[Record set Boundary: Start]

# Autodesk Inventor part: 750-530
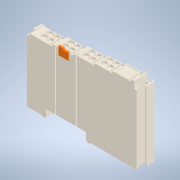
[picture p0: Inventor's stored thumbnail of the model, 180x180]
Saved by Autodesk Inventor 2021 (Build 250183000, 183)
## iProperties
Created: 2026-07
Part Number: 750-530
Material: Generic
Catalog Web Link: www.3dfindit.com
Description: 750-530-8-channel digital output module 24 VDC 0.5 A high-side switching short-circuit protected
Vendor: WAGO
Document SubType Name: Modeling
Designer: psAdmin
Manufacturer: WAGO
Mass: 49.754 g
Surface Area: 192.522 cm^2
Volume: 65.9871 cm^3
Density: 1 g/cm^3
Appearance: PSOLRGB-222-214-201
Category: PARTsolutions
Company: WAGO
Title: 750-530
Author: Cadenas PARTsolutions
Comments: 8-channel digital output module 24 VDC 0.5 A high-side switching short-circuit protected
PSOL_IDENT_0: {$CADENAS_DATA/23d-libs/wago/pg15/serie750/0750-0530_0999-0962.prj},157 {VTYP=3D},{NB=750-530},{LINA=
PSOL_IDENT_1: 750-530},{NN=750-530},{DATE=29.04.2026 11:59:10},{GEOMDATE=22.04.2022 08:42:40},{VERSION=},{LINEID=1
PSOL_IDENT_2: 710},{WBVAR=},{WBNUMERIC=}  {NB=750-530},{LINA=750-530},{KT=DUMMY},{BESTNR=750-530},{INFODE=Info DE}
PSOL_IDENT_3: ,{INFOEN=Info EN},{QUERSCHNITT1=0.08 - 2.5},{QUERSCHNITT2=28 - 14},{ABISOLIERLAENGE=8 - 9},{HOEHE=64
PSOL_IDENT_4: .00},{BREITE=12.00},{TIEFE=100.00},{FARBE=lichtgrau},{GEWICHT=49.754},{BEMERKUNGEN=24V DC 0,5 A},{RG
PSOL_IDENT_5: B=0.87,0.84,0.79,0},{ECLASS71=27-24-26-04},{LINKDE=http://www.wago.com/de/p/750-530},{LINKEN=http://
PSOL_IDENT_6: www.wago.com/global/p/750-530},{FILENAME=750-530}
NB: 750-530
NN: 750-530
NT: 8-channel digital output module 24 VDC 0.5 A high-side switching short-circuit protected
NBSYN: $BESTNR.
LINA: 750-530
CATALOG: WAGO
OFFICIAL_STANDARD_NUMBERS: NO
BESTNR: 750-530
INFODE: Info DE
INFOEN: Info EN
QUERSCHNITT1: 0.08 - 2.5
QUERSCHNITT2: 28 - 14
ABISOLIERLAENGE: 8 - 9
HOEHE: 64
BREITE: 12
TIEFE: 100
FARBE: lichtgrau
GEWICHT: 49.754
BEMERKUNGEN: 24V DC 0,5 A
ECLASS71: 27-24-26-04
SUPPLIER: WAGO
ARTICLENO: 750-530
BOMINFO: 750-530
CREATOR: CADENAS GmbH
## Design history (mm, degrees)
sketch "Skizze_1"
  geometry: L1 (-32.4, 49.707)-(-32.4, -6.4); L2 (-32.4, -6.4)-(-21.968, -6.4); L3 (-21.968, -6.4)-(-20.7, -7.132); L4 (-17.7, -5.4)-(-17.7, 0); L5 (-17.7, 0)-(17.7, 0); L6 (17.7, 0)-(17.7, -5.4); L7 (20.7, -7.132)-(21.968, -6.4); L8 (21.968, -6.4)-(60, -6.4); L9 (60, -6.4)-(60, 59.4); L10 (59, 60.4)-(58.817, 60.4); L11 (58.529, 60.278)-(58.453, 60.199); L12 (59.036, 58.958)-(58.958, 58.766); L13 (58.958, 58.766)-(54.895, 57.042); L14 (54.895, 57.042)-(54.703, 57.119); L15 (54.215, 58.4)-(41.912, 58.4); L16 (41.912, 58.4)-(41.803, 58.354); L17 (41.803, 58.354)-(41.653, 58.199); L18 (42.236, 56.958)-(42.158, 56.766); L19 (42.158, 56.766)-(38.095, 55.042); L20 (38.095, 55.042)-(37.903, 55.119); L21 (37.415, 56.4)-(25.912, 56.4); L22 (25.912, 56.4)-(25.803, 56.354); L23 (25.803, 56.354)-(25.653, 56.199); L24 (26.236, 54.958)-(26.158, 54.766); L25 (26.158, 54.766)-(22.095, 53.042); L26 (22.095, 53.042)-(21.903, 53.119); L27 (21.415, 54.4)-(7.512, 54.4); L28 (7.512, 54.4)-(7.403, 54.354); L29 (7.403, 54.354)-(7.253, 54.199); L30 (7.836, 52.958)-(7.758, 52.766); L31 (7.758, 52.766)-(3.695, 51.042); L32 (3.695, 51.042)-(3.503, 51.119); L33 (3.015, 52.4)-(-10.888, 52.4); L34 (-10.888, 52.4)-(-10.997, 52.354); L35 (-10.997, 52.354)-(-11.147, 52.199); L36 (-10.564, 50.958)-(-10.642, 50.766); L37 (-10.642, 50.766)-(-14.705, 49.042); L38 (-14.705, 49.042)-(-14.897, 49.119); L39 (-15.385, 50.4)-(-32, 50.4); L40 (-32, 50.4)-(-32.4, 49.707); A1 r 2 centre (-19.7, -5.4) between (-20.7, -7.132) and (-17.7, -5.4); A2 r 2 centre (19.7, -5.4) between (17.7, -5.4) and (20.7, -7.132); A3 r 1 centre (59, 59.4) between (60, 59.4) and (59, 60.4); A4 r 0.4 centre (58.817, 60) between (58.817, 60.4) and (58.529, 60.278); A5 r 0.332 centre (58.692, 59.969) between (58.453, 60.199) and (58.644, 59.641); A6 r 0.5 centre (58.572, 59.146) between (59.036, 58.958) and (58.644, 59.641); A7 r 0.5 centre (54.89, 57.583) between (54.484, 57.875) and (54.703, 57.119); A8 r 0.332 centre (54.215, 58.068) between (54.484, 57.875) and (54.215, 58.4); A9 r 0.332 centre (41.892, 57.969) between (41.653, 58.199) and (41.844, 57.641); A10 r 0.5 centre (41.772, 57.146) between (42.236, 56.958) and (41.844, 57.641); A11 r 0.5 centre (38.09, 55.583) between (37.684, 55.875) and (37.903, 55.119); A12 r 0.332 centre (37.415, 56.068) between (37.684, 55.875) and (37.415, 56.4); A13 r 0.332 centre (25.892, 55.969) between (25.653, 56.199) and (25.844, 55.641); A14 r 0.5 centre (25.772, 55.146) between (26.236, 54.958) and (25.844, 55.641); A15 r 0.5 centre (22.09, 53.583) between (21.684, 53.875) and (21.903, 53.119); A16 r 0.332 centre (21.415, 54.068) between (21.684, 53.875) and (21.415, 54.4); A17 r 0.331 centre (7.492, 53.969) between (7.253, 54.199) and (7.444, 53.641); A18 r 0.5 centre (7.372, 53.146) between (7.836, 52.958) and (7.444, 53.641); A19 r 0.5 centre (3.69, 51.583) between (3.284, 51.875) and (3.503, 51.119); A20 r 0.332 centre (3.015, 52.068) between (3.284, 51.875) and (3.015, 52.4); A21 r 0.332 centre (-10.908, 51.969) between (-11.147, 52.199) and (-10.956, 51.641); A22 r 0.5 centre (-11.028, 51.146) between (-10.564, 50.958) and (-10.956, 51.641); A23 r 0.5 centre (-14.71, 49.583) between (-15.116, 49.875) and (-14.897, 49.119); A24 r 0.332 centre (-15.385, 50.068) between (-15.116, 49.875) and (-15.385, 50.4)
  constraints: 80 end point, 48 point on circle, 24 centre point
extrude "Extrusion1" join sketch "Skizze_1" distance "d0" = 12; taper "d1" = 0 deg
sketch "Skizze_10"
  geometry: L1 (37.2, 56.4)-(37.981, 54.559); L2 (37.981, 54.559)-(42.693, 56.559); L3 (42.693, 56.559)-(41.912, 58.4); L4 (41.912, 58.4)-(41.342, 58.158); L5 (40.812, 56.847)-(38.971, 56.066); L6 (37.66, 56.595)-(37.2, 56.4); A1 r 1 centre (41.733, 57.238) between (41.342, 58.158) and (40.812, 56.847); A2 r 1 centre (38.051, 55.675) between (38.971, 56.066) and (37.66, 56.595)
  constraints: 12 end point, 4 point on circle, 2 centre point
extrude "Extrusion2" join sketch "Skizze_10" distance "d2" = 0.5; taper "d3" = 0 deg
sketch "Skizze_11"
  geometry: L1 (21.2, 54.4)-(21.981, 52.559); L2 (21.981, 52.559)-(26.693, 54.559); L3 (26.693, 54.559)-(25.912, 56.4); L4 (25.912, 56.4)-(25.342, 56.158); L5 (24.812, 54.847)-(22.971, 54.066); L6 (21.66, 54.595)-(21.2, 54.4); A1 r 1 centre (25.733, 55.238) between (25.342, 56.158) and (24.812, 54.847); A2 r 1 centre (22.051, 53.675) between (22.971, 54.066) and (21.66, 54.595)
  constraints: 12 end point, 4 point on circle, 2 centre point
extrude "Extrusion3" join sketch "Skizze_11" distance "d4" = 0.5; taper "d5" = 0 deg
sketch "Skizze_12"
  geometry: L1 (2.8, 52.4)-(3.581, 50.559); L2 (3.581, 50.559)-(8.293, 52.559); L3 (8.293, 52.559)-(7.512, 54.4); L4 (7.512, 54.4)-(6.942, 54.158); L5 (6.412, 52.847)-(4.571, 52.066); L6 (3.26, 52.595)-(2.8, 52.4); A1 r 1 centre (7.333, 53.238) between (6.942, 54.158) and (6.412, 52.847); A2 r 1 centre (3.651, 51.675) between (4.571, 52.066) and (3.26, 52.595)
  constraints: 12 end point, 4 point on circle, 2 centre point
extrude "Extrusion4" join sketch "Skizze_12" distance "d6" = 0.5; taper "d7" = 0 deg
sketch "Skizze_13"
  geometry: L1 (-15.6, 50.4)-(-14.819, 48.559); L2 (-14.819, 48.559)-(-10.107, 50.559); L3 (-10.107, 50.559)-(-10.888, 52.4); L4 (-10.888, 52.4)-(-11.458, 52.158); L5 (-11.988, 50.847)-(-13.829, 50.066); L6 (-15.14, 50.595)-(-15.6, 50.4); A1 r 1 centre (-11.067, 51.238) between (-11.458, 52.158) and (-11.988, 50.847); A2 r 1 centre (-14.749, 49.675) between (-13.829, 50.066) and (-15.14, 50.595)
  constraints: 12 end point, 4 point on circle, 2 centre point
extrude "Extrusion5" join sketch "Skizze_13" distance "d8" = 0.5; taper "d9" = 0 deg
sketch "Skizze_60"
  geometry: L1 (54, 58.4)-(54.781, 56.559); L2 (54.781, 56.559)-(59.493, 58.559); L3 (59.493, 58.559)-(58.712, 60.4); L4 (58.712, 60.4)-(58.142, 60.158); L5 (57.612, 58.847)-(55.771, 58.066); L6 (54.46, 58.595)-(54, 58.4); A1 r 1 centre (58.533, 59.238) between (58.142, 60.158) and (57.612, 58.847); A2 r 1 centre (54.851, 57.675) between (55.771, 58.066) and (54.46, 58.595)
  constraints: 12 end point, 4 point on circle, 2 centre point
extrude "Extrusion6" join sketch "Skizze_60" distance "d10" = 0.5; taper "d11" = 0 deg
sketch "Skizze_14"
  geometry: L1 (37.2, 56.4)-(37.981, 54.559); L2 (37.981, 54.559)-(42.693, 56.559); L3 (42.693, 56.559)-(41.912, 58.4); L4 (41.912, 58.4)-(41.342, 58.158); L5 (40.812, 56.847)-(38.971, 56.066); L6 (37.66, 56.595)-(37.2, 56.4); A1 r 1 centre (41.733, 57.238) between (41.342, 58.158) and (40.812, 56.847); A2 r 1 centre (38.051, 55.675) between (38.971, 56.066) and (37.66, 56.595)
  constraints: 12 end point, 4 point on circle, 2 centre point
extrude "Extrusion7" join sketch "Skizze_14" distance "d12" = 0.5; taper "d13" = 0 deg
sketch "Skizze_15"
  geometry: L1 (21.2, 54.4)-(21.981, 52.559); L2 (21.981, 52.559)-(26.693, 54.559); L3 (26.693, 54.559)-(25.912, 56.4); L4 (25.912, 56.4)-(25.342, 56.158); L5 (24.812, 54.847)-(22.971, 54.066); L6 (21.66, 54.595)-(21.2, 54.4); A1 r 1 centre (25.733, 55.238) between (25.342, 56.158) and (24.812, 54.847); A2 r 1 centre (22.051, 53.675) between (22.971, 54.066) and (21.66, 54.595)
  constraints: 12 end point, 4 point on circle, 2 centre point
extrude "Extrusion8" join sketch "Skizze_15" distance "d14" = 0.5; taper "d15" = 0 deg
sketch "Skizze_16"
  geometry: L1 (2.8, 52.4)-(3.581, 50.559); L2 (3.581, 50.559)-(8.293, 52.559); L3 (8.293, 52.559)-(7.512, 54.4); L4 (7.512, 54.4)-(6.942, 54.158); L5 (6.412, 52.847)-(4.571, 52.066); L6 (3.26, 52.595)-(2.8, 52.4); A1 r 1 centre (7.333, 53.238) between (6.942, 54.158) and (6.412, 52.847); A2 r 1 centre (3.651, 51.675) between (4.571, 52.066) and (3.26, 52.595)
  constraints: 12 end point, 4 point on circle, 2 centre point
extrude "Extrusion9" join sketch "Skizze_16" distance "d16" = 0.5; taper "d17" = 0 deg
sketch "Skizze_17"
  geometry: L1 (-15.6, 50.4)-(-14.819, 48.559); L2 (-14.819, 48.559)-(-10.107, 50.559); L3 (-10.107, 50.559)-(-10.888, 52.4); L4 (-10.888, 52.4)-(-11.458, 52.158); L5 (-11.988, 50.847)-(-13.829, 50.066); L6 (-15.14, 50.595)-(-15.6, 50.4); A1 r 1 centre (-11.067, 51.238) between (-11.458, 52.158) and (-11.988, 50.847); A2 r 1 centre (-14.749, 49.675) between (-13.829, 50.066) and (-15.14, 50.595)
  constraints: 12 end point, 4 point on circle, 2 centre point
extrude "Extrusion10" join sketch "Skizze_17" distance "d18" = 0.5; taper "d19" = 0 deg
sketch "Skizze_61"
  geometry: L1 (54, 58.4)-(54.781, 56.559); L2 (54.781, 56.559)-(59.493, 58.559); L3 (59.493, 58.559)-(58.712, 60.4); L4 (58.712, 60.4)-(58.142, 60.158); L5 (57.612, 58.847)-(55.771, 58.066); L6 (54.46, 58.595)-(54, 58.4); A1 r 1 centre (58.533, 59.238) between (58.142, 60.158) and (57.612, 58.847); A2 r 1 centre (54.851, 57.675) between (55.771, 58.066) and (54.46, 58.595)
  constraints: 12 end point, 4 point on circle, 2 centre point
extrude "Extrusion11" join sketch "Skizze_61" distance "d20" = 0.5; taper "d21" = 0 deg
sketch "Skizze_46"
  geometry: L1 (-7.3, 46.4)-(2.5, 46.4); L2 (2.5, 46.4)-(2.5, 52.4); L3 (2.5, 52.4)-(-7.3, 52.4); L4 (-7.3, 52.4)-(-7.3, 46.4)
  constraints: 8 end point
extrude "Extrusion12" cut sketch "Skizze_46" distance "d22" = 1.9; taper "d23" = 0 deg
sketch "Skizze_47"
  geometry: L1 (-7, 53.4)-(-7, 46.6); L2 (-6.8, 46.4)-(2, 46.4); L3 (2.2, 46.6)-(2.2, 52.2); L4 (2, 52.4)-(-3.3, 52.4); L5 (-3.331, 52.998)-(-2.325, 53.101); L6 (-2.35, 53.6)-(-6.8, 53.6); A1 r 0.2 centre (-6.8, 46.6) between (-7, 46.6) and (-6.8, 46.4); A2 r 0.2 centre (2, 46.6) between (2, 46.4) and (2.2, 46.6); A3 r 0.2 centre (2, 52.2) between (2.2, 52.2) and (2, 52.4); A4 r 0.3 centre (-3.3, 52.7) between (-3.331, 52.998) and (-3.3, 52.4); A5 r 0.25 centre (-2.35, 53.35) between (-2.325, 53.101) and (-2.35, 53.6); A6 r 0.2 centre (-6.8, 53.4) between (-6.8, 53.6) and (-7, 53.4)
  constraints: 12 end point, 12 point on circle, 6 centre point
extrude "Extrusion13" join sketch "Skizze_47" stored distance "d24" = 1.6; taper "d25" = 0 deg
sketch "Skizze_2"
  geometry: L1 (60, 0)-(60, -1.7); L2 (60.5, -1.2)-(61.9, -1.2); L3 (62.4, -1.7)-(62.4, -4.3); L4 (63.8, -4.3)-(63.8, 1.8); L5 (62.8, 2.8)-(61.3, 2.8); L6 (60.8, 2.3)-(60.8, 1.9); L7 (61, 1.7)-(62.2, 1.7); L8 (62.4, 1.5)-(62.4, 0.2); L9 (62.2, 0)-(60, 0); A1 r 0.5 centre (60.5, -1.7) between (60.5, -1.2) and (60, -1.7); A2 r 0.5 centre (61.9, -1.7) between (62.4, -1.7) and (61.9, -1.2); A3 r 0.7 centre (63.1, -4.3) between (62.4, -4.3) and (63.8, -4.3); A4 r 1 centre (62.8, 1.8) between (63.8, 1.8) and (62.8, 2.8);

[Record set Boundary: End]

What you have to do - Beginning with the line containing "[picture p0: Inventor's" and ending with the line containing "Author: Cadenas PARTsolutions", extract those lines exactly from the listing above, and only those.

Answer for the task -
[picture p0: Inventor's stored thumbnail of the model, 180x180]
Saved by Autodesk Inventor 2021 (Build 250183000, 183)
## iProperties
Created: 2026-07
Part Number: 750-530
Material: Generic
Catalog Web Link: www.3dfindit.com
Description: 750-530-8-channel digital output module 24 VDC 0.5 A high-side switching short-circuit protected
Vendor: WAGO
Document SubType Name: Modeling
Designer: psAdmin
Manufacturer: WAGO
Mass: 49.754 g
Surface Area: 192.522 cm^2
Volume: 65.9871 cm^3
Density: 1 g/cm^3
Appearance: PSOLRGB-222-214-201
Category: PARTsolutions
Company: WAGO
Title: 750-530
Author: Cadenas PARTsolutions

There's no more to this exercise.